_Exercise instructions_
Locate all lines in the data below that hold "origin" and show them.

_Data to use_
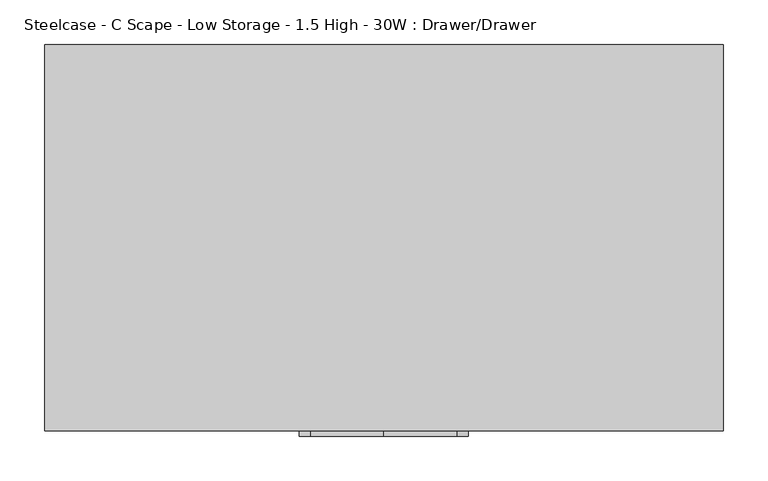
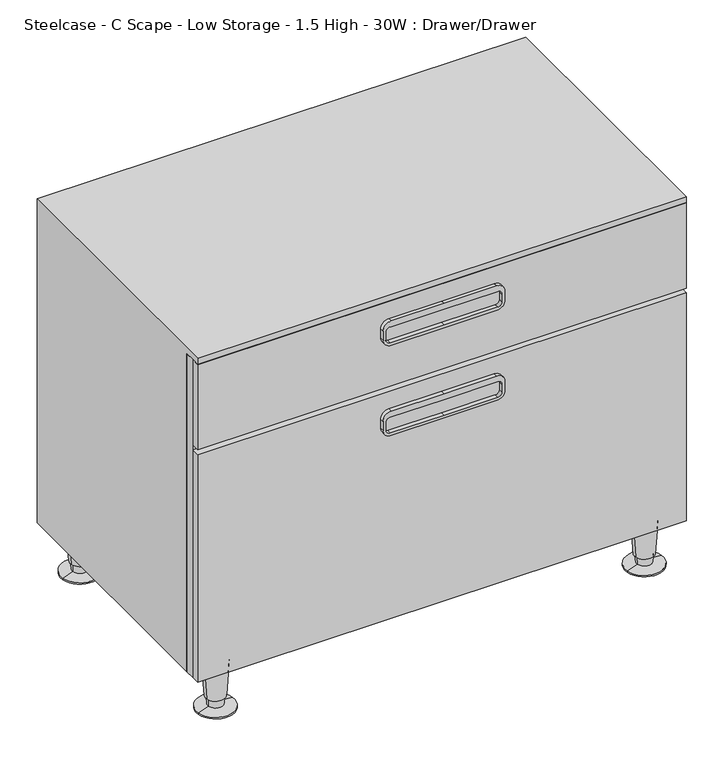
"""IFC4 building model written with IfcOpenShell, lengths in millimetres: furniture geometry, Steelcase - C Scape - Low Storage - 1.5 High - 30W : Drawer/Drawer."""

from ifc_helpers import new_model, si_unit, point, frame, frame_2d, origin, place, context, project, spatial, polyline, circle_curve, trimmed, segment, composite_curve, outline, extrude, faceted_brep, source, transform, mapped, element, save
from ifc_brep_helpers import plane_surface, cylinder_surface, revolved_surface, advanced_brep


def steelcase_c_scape_low_storage_1_5_high_30w_drawer_drawer_79f90267(model_context):
    return source(origin(), model_context, "Body", "SolidModel", [
        extrude(outline(polyline([(599.4499291, 0.0), (76.2, 0.0), (76.2, 760.73), (599.4499291, 760.73), (599.4499291, 320.0585382), (599.4499291, 0.0)]), holes=[polyline([(458.7875121, 21.3382324), (582.9399291, 21.3382324), (582.9399291, 738.7617285), (458.7875121, 738.7617285), (458.7875121, 21.3382324)]), polyline([(436.841904, 21.3256814), (436.841904, 738.7617285), (92.7100024, 738.7617285), (92.7100024, 21.3256814), (436.841904, 21.3256814)])]), frame((0.0, -419.3540543, 0.0), z_axis=(0.0, 1.0, 0.0), x_axis=(0.0, 0.0, 1.0)), (0.0, 0.0, 1.0), 14.9860039),
        extrude(outline(composite_curve([segment(trimmed(circle_curve(frame_2d((558.1749291, 297.8147442)), 12.7), [point((570.8749291, 297.8147442))], [point((558.1749291, 285.1147442))], False, "CARTESIAN"), True, "CONTINUOUS"), segment(polyline([(558.1749291, 285.1147442), (543.5699582, 285.1147442)]), True, "CONTINUOUS"), segment(trimmed(circle_curve(frame_2d((543.5699582, 297.8147442)), 12.7), [point((543.5699582, 285.1147442))], [point((530.8699582, 297.8147442))], False, "CARTESIAN"), True, "CONTINUOUS"), segment(polyline([(530.8699582, 297.8147442), (530.8699582, 380.0475), (530.8699582, 462.2802558)]), True, "CONTINUOUS"), segment(trimmed(circle_curve(frame_2d((543.5699582, 462.2802558)), 12.7), [point((530.8699582, 462.2802558))], [point((543.5699582, 474.9802558))], False, "CARTESIAN"), True, "CONTINUOUS"), segment(polyline([(543.5699582, 474.9802558), (558.1749291, 474.9802558)]), True, "CONTINUOUS"), segment(trimmed(circle_curve(frame_2d((558.1749291, 462.2802558)), 12.7), [point((558.1749291, 474.9802558))], [point((570.8749291, 462.2802558))], False, "CARTESIAN"), True, "CONTINUOUS"), segment(polyline([(570.8749291, 462.2802558), (570.8749291, 380.0475), (570.8749291, 297.8147442)]), True, "CONTINUOUS")], self_intersect=False), holes=[composite_curve([segment(trimmed(circle_curve(frame_2d((554.7459476, 296.2923565)), 6.35), [point((554.7459476, 289.9423565))], [point((561.0959476, 296.2923565))], True, "CARTESIAN"), True, "CONTINUOUS"), segment(polyline([(561.0959476, 296.2923565), (561.0959476, 380.0475), (561.0959476, 463.8026435)]), True, "CONTINUOUS"), segment(trimmed(circle_curve(frame_2d((554.7459476, 463.8026435)), 6.35), [point((561.0959476, 463.8026435))], [point((554.7459476, 470.1526435))], True, "CARTESIAN"), True, "CONTINUOUS"), segment(polyline([(554.7459476, 470.1526435), (542.0459354, 470.1526435)]), True, "CONTINUOUS"), segment(trimmed(circle_curve(frame_2d((542.0459354, 463.8026435)), 6.35), [point((542.0459354, 470.1526435))], [point((535.6959354, 463.8026435))], True, "CARTESIAN"), True, "CONTINUOUS"), segment(polyline([(535.6959354, 463.8026435), (535.6959354, 380.0475), (535.6959354, 296.2923565)]), True, "CONTINUOUS"), segment(trimmed(circle_curve(frame_2d((542.0459354, 296.2923565)), 6.35), [point((535.6959354, 296.2923565))], [point((542.0459354, 289.9423565))], True, "CARTESIAN"), True, "CONTINUOUS"), segment(polyline([(542.0459354, 289.9423565), (554.7459476, 289.9423565)]), True, "CONTINUOUS")], self_intersect=False)]), frame((0.0, -439.42, 0.0), z_axis=(0.0, 1.0, 0.0), x_axis=(0.0, 0.0, 1.0)), (0.0, 0.0, 1.0), 6.35),
        extrude(outline(composite_curve([segment(trimmed(circle_curve(frame_2d((409.5749879, 297.8147442)), 12.7), [point((422.2749879, 297.8147442))], [point((409.5749879, 285.1147442))], False, "CARTESIAN"), True, "CONTINUOUS"), segment(polyline([(409.5749879, 285.1147442), (394.970017, 285.1147442)]), True, "CONTINUOUS"), segment(trimmed(circle_curve(frame_2d((394.970017, 297.8147442)), 12.7), [point((394.970017, 285.1147442))], [point((382.270017, 297.8147442))], False, "CARTESIAN"), True, "CONTINUOUS"), segment(polyline([(382.270017, 297.8147442), (382.270017, 380.0475), (382.270017, 462.2802558)]), True, "CONTINUOUS"), segment(trimmed(circle_curve(frame_2d((394.970017, 462.2802558)), 12.7), [point((382.270017, 462.2802558))], [point((394.970017, 474.9802558))], False, "CARTESIAN"), True, "CONTINUOUS"), segment(polyline([(394.970017, 474.9802558), (409.5749879, 474.9802558)]), True, "CONTINUOUS"), segment(trimmed(circle_curve(frame_2d((409.5749879, 462.2802558)), 12.7), [point((409.5749879, 474.9802558))], [point((422.2749879, 462.2802558))], False, "CARTESIAN"), True, "CONTINUOUS"), segment(polyline([(422.2749879, 462.2802558), (422.2749879, 380.0475), (422.2749879, 297.8147442)]), True, "CONTINUOUS")], self_intersect=False), holes=[composite_curve([segment(trimmed(circle_curve(frame_2d((406.1460063, 296.2923565)), 6.35), [point((406.1460063, 289.9423565))], [point((412.4960063, 296.2923565))], True, "CARTESIAN"), True, "CONTINUOUS"), segment(polyline([(412.4960063, 296.2923565), (412.4960063, 380.0475), (412.4960063, 463.8026435)]), True, "CONTINUOUS"), segment(trimmed(circle_curve(frame_2d((406.1460063, 463.8026435)), 6.35), [point((412.4960063, 463.8026435))], [point((406.1460063, 470.1526435))], True, "CARTESIAN"), True, "CONTINUOUS"), segment(polyline([(406.1460063, 470.1526435), (393.4459942, 470.1526435)]), True, "CONTINUOUS"), segment(trimmed(circle_curve(frame_2d((393.4459942, 463.8026435)), 6.35), [point((393.4459942, 470.1526435))], [point((387.0959942, 463.8026435))], True, "CARTESIAN"), True, "CONTINUOUS"), segment(polyline([(387.0959942, 463.8026435), (387.0959942, 380.0475), (387.0959942, 296.2923565)]), True, "CONTINUOUS"), segment(trimmed(circle_curve(frame_2d((393.4459942, 296.2923565)), 6.35), [point((387.0959942, 296.2923565))], [point((393.4459942, 289.9423565))], True, "CARTESIAN"), True, "CONTINUOUS"), segment(polyline([(393.4459942, 289.9423565), (406.1460063, 289.9423565)]), True, "CONTINUOUS")], self_intersect=False)]), frame((0.0, -439.42, 0.0), z_axis=(0.0, 1.0, 0.0), x_axis=(0.0, 0.0, 1.0)), (0.0, 0.0, 1.0), 6.35),
        advanced_brep(
        [(65.5422821, -397.1702762, 76.2), (27.8805432, -402.9325174, 76.2), (46.7114126, -400.0513968, 76.2), (61.5919341, -397.774679, 19.05), (31.8308912, -402.3281146, 19.05), (59.1623471, -398.1464055, 19.05), (34.2604781, -401.9563882, 19.05), (58.4735776, -398.2517871, 5.7545598), (34.9492476, -401.8510065, 5.7545598), (75.8224611, -395.5974102, 2.5119506), (17.6003641, -404.5053834, 2.5119506), (75.8224611, -395.5974102, 0.0), (17.6003641, -404.5053834, 0.0), (46.7114126, -400.0513968, 0.0)],
        [
            (0, 1, circle_curve(frame((46.7114126, -400.0513968, 76.2), z_axis=(0.0, 0.0, 1.0), x_axis=(0.0, -1.0, 0.0)), 19.05)),
            (1, 2),
            (2, 0),
            (1, 0, circle_curve(frame((46.7114126, -400.0513968, 76.2), z_axis=(0.0, 0.0, 1.0), x_axis=(0.0, -1.0, 0.0)), 19.05)),
            (3, 4, circle_curve(frame((46.7114126, -400.0513968, 19.05), z_axis=(0.0, 0.0, 1.0), x_axis=(0.0, -1.0, 0.0)), 15.0536827)),
            (4, 1),
            (0, 3),
            (4, 3, circle_curve(frame((46.7114126, -400.0513968, 19.05), z_axis=(0.0, 0.0, 1.0), x_axis=(0.0, -1.0, 0.0)), 15.0536827)),
            (5, 6, circle_curve(frame((46.7114126, -400.0513968, 19.05), z_axis=(0.0, 0.0, 1.0), x_axis=(0.0, -1.0, 0.0)), 12.5958232)),
            (6, 4),
            (3, 5),
            (6, 5, circle_curve(frame((46.7114126, -400.0513968, 19.05), z_axis=(0.0, 0.0, 1.0), x_axis=(0.0, -1.0, 0.0)), 12.5958232)),
            (7, 8, circle_curve(frame((46.7114126, -400.0513968, 5.7545598), z_axis=(0.0, 0.0, 1.0), x_axis=(0.0, -1.0, 0.0)), 11.8990387)),
            (8, 6),
            (5, 7),
            (8, 7, circle_curve(frame((46.7114126, -400.0513968, 5.7545598), z_axis=(0.0, 0.0, 1.0), x_axis=(0.0, -1.0, 0.0)), 11.8990387)),
            (9, 10, circle_curve(frame((46.7114126, -400.0513968, 2.5119506), z_axis=(0.0, 0.0, 1.0), x_axis=(0.0, -1.0, 0.0)), 29.4498071)),
            (10, 8),
            (7, 9),
            (10, 9, circle_curve(frame((46.7114126, -400.0513968, 2.5119506), z_axis=(0.0, 0.0, 1.0), x_axis=(0.0, -1.0, 0.0)), 29.4498071)),
            (11, 12, circle_curve(frame((46.7114126, -400.0513968, 0.0), z_axis=(0.0, 0.0, 1.0), x_axis=(0.0, -1.0, 0.0)), 29.4498071)),
            (12, 10),
            (9, 11),
            (12, 11, circle_curve(frame((46.7114126, -400.0513968, 0.0), z_axis=(0.0, 0.0, 1.0), x_axis=(0.0, -1.0, 0.0)), 29.4498071)),
            (13, 12),
            (11, 13),
        ],
        [
            plane_surface(frame((46.7114126, -400.0513968, 76.2), z_axis=(0.0, 0.0, 1.0), x_axis=(0.0, -1.0, 0.0))),
            revolved_surface(polyline([(46.7114126, -419.1013968, 76.2), (46.7114126, -415.1050795, 19.05)]), (46.7114126, -400.0513968, 25.4), (0.0, 0.0, -1.0)),
            plane_surface(frame((46.7114126, -400.0513968, 19.05), z_axis=(0.0, 0.0, -1.0), x_axis=(0.0, -1.0, 0.0))),
            revolved_surface(polyline([(46.7114126, -412.64722, 19.05), (46.7114126, -411.9504355, 5.7545598)]), (46.7114126, -400.0513968, 25.4), (0.0, 0.0, -1.0)),
            revolved_surface(polyline([(46.7114126, -411.9504355, 5.7545598), (46.7114126, -429.5012039, 2.5119506)]), (46.7114126, -400.0513968, 25.4), (0.0, 0.0, -1.0)),
            cylinder_surface(frame((46.7114126, -400.0513968, 25.4), z_axis=(0.0, 0.0, -1.0), x_axis=(0.0, -1.0, 0.0)), 29.4498071),
            plane_surface(frame((46.7114126, -400.0513968, 0.0), z_axis=(0.0, 0.0, -1.0), x_axis=(0.0, -1.0, 0.0))),
        ],
        [
            (0, [[1, 2, 3]]),
            (0, [[4, -3, -2]]),
            (1, [[5, 6, -1, 7]]),
            (1, [[8, -7, -4, -6]]),
            (2, [[9, 10, -5, 11]]),
            (2, [[12, -11, -8, -10]]),
            (3, [[13, 14, -9, 15]]),
            (3, [[16, -15, -12, -14]]),
            (4, [[17, 18, -13, 19]]),
            (4, [[20, -19, -16, -18]]),
            (5, [[21, 22, -17, 23]]),
            (5, [[24, -23, -20, -22]]),
            (6, [[25, -21, 26]]),
            (6, [[-26, -24, -25]]),
        ],
    ),
        advanced_brep(
        [(733.4598695, -397.1702762, 76.2), (695.7981305, -402.9325174, 76.2), (714.629, -400.0513968, 76.2), (729.5095214, -397.774679, 19.05), (699.7484786, -402.3281146, 19.05), (727.0799345, -398.1464055, 19.05), (702.1780655, -401.9563882, 19.05), (726.391165, -398.2517871, 5.7545598), (702.866835, -401.8510065, 5.7545598), (743.7400485, -395.5974102, 2.5119506), (685.5179515, -404.5053834, 2.5119506), (743.7400485, -395.5974102, 0.0), (685.5179515, -404.5053834, 0.0), (714.629, -400.0513968, 0.0)],
        [
            (0, 1, circle_curve(frame((714.629, -400.0513968, 76.2), z_axis=(0.0, 0.0, 1.0), x_axis=(0.0, -1.0, 0.0)), 19.05)),
            (1, 2),
            (2, 0),
            (1, 0, circle_curve(frame((714.629, -400.0513968, 76.2), z_axis=(0.0, 0.0, 1.0), x_axis=(0.0, -1.0, 0.0)), 19.05)),
            (3, 4, circle_curve(frame((714.629, -400.0513968, 19.05), z_axis=(0.0, 0.0, 1.0), x_axis=(0.0, -1.0, 0.0)), 15.0536827)),
            (4, 1),
            (0, 3),
            (4, 3, circle_curve(frame((714.629, -400.0513968, 19.05), z_axis=(0.0, 0.0, 1.0), x_axis=(0.0, -1.0, 0.0)), 15.0536827)),
            (5, 6, circle_curve(frame((714.629, -400.0513968, 19.05), z_axis=(0.0, 0.0, 1.0), x_axis=(0.0, -1.0, 0.0)), 12.5958232)),
            (6, 4),
            (3, 5),
            (6, 5, circle_curve(frame((714.629, -400.0513968, 19.05), z_axis=(0.0, 0.0, 1.0), x_axis=(0.0, -1.0, 0.0)), 12.5958232)),
            (7, 8, circle_curve(frame((714.629, -400.0513968, 5.7545598), z_axis=(0.0, 0.0, 1.0), x_axis=(0.0, -1.0, 0.0)), 11.8990387)),
            (8, 6),
            (5, 7),
            (8, 7, circle_curve(frame((714.629, -400.0513968, 5.7545598), z_axis=(0.0, 0.0, 1.0), x_axis=(0.0, -1.0, 0.0)), 11.8990387)),
            (9, 10, circle_curve(frame((714.629, -400.0513968, 2.5119506), z_axis=(0.0, 0.0, 1.0), x_axis=(0.0, -1.0, 0.0)), 29.4498071)),
            (10, 8),
            (7, 9),
            (10, 9, circle_curve(frame((714.629, -400.0513968, 2.5119506), z_axis=(0.0, 0.0, 1.0), x_axis=(0.0, -1.0, 0.0)), 29.4498071)),
            (11, 12, circle_curve(frame((714.629, -400.0513968, 0.0), z_axis=(0.0, 0.0, 1.0), x_axis=(0.0, -1.0, 0.0)), 29.4498071)),
            (12, 10),
            (9, 11),
            (12, 11, circle_curve(frame((714.629, -400.0513968, 0.0), z_axis=(0.0, 0.0, 1.0), x_axis=(0.0, -1.0, 0.0)), 29.4498071)),
            (13, 12),
            (11, 13),
        ],
        [
            plane_surface(frame((714.629, -400.0513968, 76.2), z_axis=(0.0, 0.0, 1.0), x_axis=(0.0, -1.0, 0.0))),
            revolved_surface(polyline([(714.629, -419.1013968, 76.2), (714.629, -415.1050795, 19.05)]), (714.629, -400.0513968, 25.4), (0.0, 0.0, -1.0)),
            plane_surface(frame((714.629, -400.0513968, 19.05), z_axis=(0.0, 0.0, -1.0), x_axis=(0.0, -1.0, 0.0))),
            revolved_surface(polyline([(714.629, -412.64722, 19.05), (714.629, -411.9504355, 5.7545598)]), (714.629, -400.0513968, 25.4), (0.0, 0.0, -1.0)),
            revolved_surface(polyline([(714.629, -411.9504355, 5.7545598), (714.629, -429.5012039, 2.5119506)]), (714.629, -400.0513968, 25.4), (0.0, 0.0, -1.0)),
            cylinder_surface(frame((714.629, -400.0513968, 25.4), z_axis=(0.0, 0.0, -1.0), x_axis=(0.0, -1.0, 0.0)), 29.4498071),
            plane_surface(frame((714.629, -400.0513968, 0.0), z_axis=(0.0, 0.0, -1.0), x_axis=(0.0, -1.0, 0.0))),
        ],
        [
            (0, [[1, 2, 3]]),
            (0, [[4, -3, -2]]),
            (1, [[5, 6, -1, 7]]),
            (1, [[8, -7, -4, -6]]),
            (2, [[9, 10, -5, 11]]),
            (2, [[12, -11, -8, -10]]),
            (3, [[13, 14, -9, 15]]),
            (3, [[16, -15, -12, -14]]),
            (4, [[17, 18, -13, 19]]),
            (4, [[20, -19, -16, -18]]),
            (5, [[21, 22, -17, 23]]),
            (5, [[24, -23, -20, -22]]),
            (6, [[25, -21, 26]]),
            (6, [[-26, -24, -25]]),
        ],
    ),
        advanced_brep(
        [(733.4598695, -31.5218435, 76.2), (695.7981305, -37.2840847, 76.2), (714.629, -34.4029641, 76.2), (729.5095214, -32.1262463, 19.05), (699.7484786, -36.6796819, 19.05), (727.0799345, -32.4979728, 19.05), (702.1780655, -36.3079555, 19.05), (726.391165, -32.6033544, 5.7545598), (702.866835, -36.2025738, 5.7545598), (743.7400485, -29.9489775, 2.5119506), (685.5179515, -38.8569507, 2.5119506), (743.7400485, -29.9489775, 0.0), (685.5179515, -38.8569507, 0.0), (714.629, -34.4029641, 0.0)],
        [
            (0, 1, circle_curve(frame((714.629, -34.4029641, 76.2), z_axis=(0.0, 0.0, 1.0), x_axis=(0.0, -1.0, 0.0)), 19.05)),
            (1, 2),
            (2, 0),
            (1, 0, circle_curve(frame((714.629, -34.4029641, 76.2), z_axis=(0.0, 0.0, 1.0), x_axis=(0.0, -1.0, 0.0)), 19.05)),
            (3, 4, circle_curve(frame((714.629, -34.4029641, 19.05), z_axis=(0.0, 0.0, 1.0), x_axis=(0.0, -1.0, 0.0)), 15.0536827)),
            (4, 1),
            (0, 3),
            (4, 3, circle_curve(frame((714.629, -34.4029641, 19.05), z_axis=(0.0, 0.0, 1.0), x_axis=(0.0, -1.0, 0.0)), 15.0536827)),
            (5, 6, circle_curve(frame((714.629, -34.4029641, 19.05), z_axis=(0.0, 0.0, 1.0), x_axis=(0.0, -1.0, 0.0)), 12.5958232)),
            (6, 4),
            (3, 5),
            (6, 5, circle_curve(frame((714.629, -34.4029641, 19.05), z_axis=(0.0, 0.0, 1.0), x_axis=(0.0, -1.0, 0.0)), 12.5958232)),
            (7, 8, circle_curve(frame((714.629, -34.4029641, 5.7545598), z_axis=(0.0, 0.0, 1.0), x_axis=(0.0, -1.0, 0.0)), 11.8990387)),
            (8, 6),
            (5, 7),
            (8, 7, circle_curve(frame((714.629, -34.4029641, 5.7545598), z_axis=(0.0, 0.0, 1.0), x_axis=(0.0, -1.0, 0.0)), 11.8990387)),
            (9, 10, circle_curve(frame((714.629, -34.4029641, 2.5119506), z_axis=(0.0, 0.0, 1.0), x_axis=(0.0, -1.0, 0.0)), 29.4498071)),
            (10, 8),
            (7, 9),
            (10, 9, circle_curve(frame((714.629, -34.4029641, 2.5119506), z_axis=(0.0, 0.0, 1.0), x_axis=(0.0, -1.0, 0.0)), 29.4498071)),
            (11, 12, circle_curve(frame((714.629, -34.4029641, 0.0), z_axis=(0.0, 0.0, 1.0), x_axis=(0.0, -1.0, 0.0)), 29.4498071)),
            (12, 10),
            (9, 11),
            (12, 11, circle_curve(frame((714.629, -34.4029641, 0.0), z_axis=(0.0, 0.0, 1.0), x_axis=(0.0, -1.0, 0.0)), 29.4498071)),
            (13, 12),
            (11, 13),
        ],
        [
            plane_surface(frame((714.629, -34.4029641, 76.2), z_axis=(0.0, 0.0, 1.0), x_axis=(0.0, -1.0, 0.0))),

_Reply to the exercise_
from ifc_helpers import new_model, si_unit, point, frame, frame_2d, origin, place, context, project, spatial, polyline, circle_curve, trimmed, segment, composite_curve, outline, extrude, faceted_brep, source, transform, mapped, element, save
    return source(origin(), model_context, "Body", "SolidModel", [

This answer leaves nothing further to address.